Problem description: Nothing but the records, copied exactly and stripped of pictures, should be in the answer.

Information:
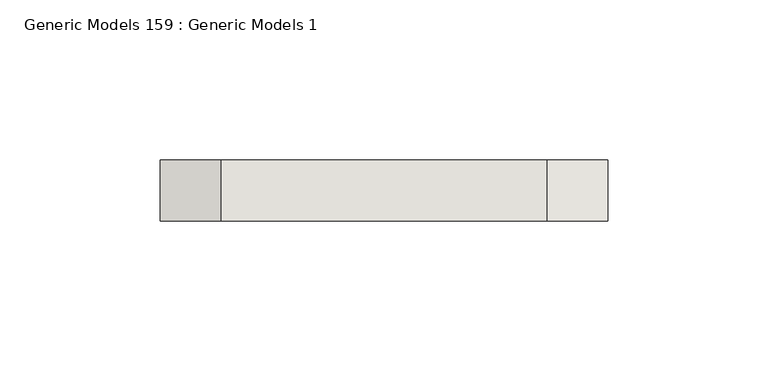
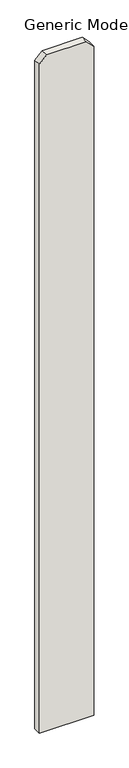
"""IFC4 building model written with IfcOpenShell, lengths in millimetres: wall geometry, Generic Models 159 : Generic Models 1."""

from ifc_helpers import new_model, si_unit, frame, origin, place, context, project, spatial, polyline, outline, extrude, source, transform, mapped, element, save


def generic_models_159_generic_models_1_ce90455c(model_context):
    return source(origin(), model_context, "Body", "SweptSolid", [
        extrude(outline(polyline([(76.2, 323213.4125), (1885.95, 323213.4125), (1905.0, 323194.3625), (1905.0, 323092.7625), (1885.95, 323073.7125), (76.2, 323073.7125), (76.2, 323213.4125)])), frame((0.0, 547.6875, 0.0), z_axis=(0.0, 1.0, 0.0), x_axis=(0.0, 0.0, 1.0)), (0.0, 0.0, 1.0), 19.05),
    ])


if __name__ == "__main__":
    model = new_model("IFC4")
    model_context = context("Model", 3, world=origin())
    ifc_project = project(units=[si_unit("LENGTHUNIT", "METRE", prefix="MILLI")], contexts=[model_context])
    site = spatial("IfcSite", under=ifc_project)
    building = spatial("IfcBuilding", under=site)
    placement = place(None, origin())
    generic_models_159_generic_models_1_shape = generic_models_159_generic_models_1_ce90455c(model_context)
    element("IfcWall", 1, ObjectType="Generic Models 159 : Generic Models 1", at=placement, inside=building, context=model_context, shape_type="MappedRepresentation", body=[
        mapped(generic_models_159_generic_models_1_shape, transform((0.0, 0.0, 0.0), x_axis=(1.0, 0.0, 0.0), y_axis=(0.0, 1.0, 0.0), z_axis=(0.0, 0.0, 1.0))),
    ])
    save(model, "model.ifc")

# Revit data of these elements
# Element 1 (IfcWall, "Generic Models 159 : Generic Models 1")
#   Materials on its faces: "VERTICAL 1X6 CEDAR PLANKS W/ CLEAR WOOD SEALER"
# Materials
#   "VERTICAL 1X6 CEDAR PLANKS W/ CLEAR WOOD SEALER": class "Wood", colour RGB 234 198 147, transparency 0, Description = "Pinus Echinata", Cost = 0

Solution to this problem:
"""IFC4 building model written with IfcOpenShell, lengths in millimetres: wall geometry, Generic Models 159 : Generic Models 1."""

from ifc_helpers import new_model, si_unit, frame, origin, place, context, project, spatial, polyline, outline, extrude, source, transform, mapped, element, save


def generic_models_159_generic_models_1_ce90455c(model_context):
    return source(origin(), model_context, "Body", "SweptSolid", [
        extrude(outline(polyline([(76.2, 323213.4125), (1885.95, 323213.4125), (1905.0, 323194.3625), (1905.0, 323092.7625), (1885.95, 323073.7125), (76.2, 323073.7125), (76.2, 323213.4125)])), frame((0.0, 547.6875, 0.0), z_axis=(0.0, 1.0, 0.0), x_axis=(0.0, 0.0, 1.0)), (0.0, 0.0, 1.0), 19.05),
    ])


if __name__ == "__main__":
    model = new_model("IFC4")
    model_context = context("Model", 3, world=origin())
    ifc_project = project(units=[si_unit("LENGTHUNIT", "METRE", prefix="MILLI")], contexts=[model_context])
    site = spatial("IfcSite", under=ifc_project)
    building = spatial("IfcBuilding", under=site)
    placement = place(None, origin())
    generic_models_159_generic_models_1_shape = generic_models_159_generic_models_1_ce90455c(model_context)
    element("IfcWall", 1, ObjectType="Generic Models 159 : Generic Models 1", at=placement, inside=building, context=model_context, shape_type="MappedRepresentation", body=[
        mapped(generic_models_159_generic_models_1_shape, transform((0.0, 0.0, 0.0), x_axis=(1.0, 0.0, 0.0), y_axis=(0.0, 1.0, 0.0), z_axis=(0.0, 0.0, 1.0))),
    ])
    save(model, "model.ifc")

# Revit data of these elements
# Element 1 (IfcWall, "Generic Models 159 : Generic Models 1")
#   Materials on its faces: "VERTICAL 1X6 CEDAR PLANKS W/ CLEAR WOOD SEALER"
# Materials
#   "VERTICAL 1X6 CEDAR PLANKS W/ CLEAR WOOD SEALER": class "Wood", colour RGB 234 198 147, transparency 0, Description = "Pinus Echinata", Cost = 0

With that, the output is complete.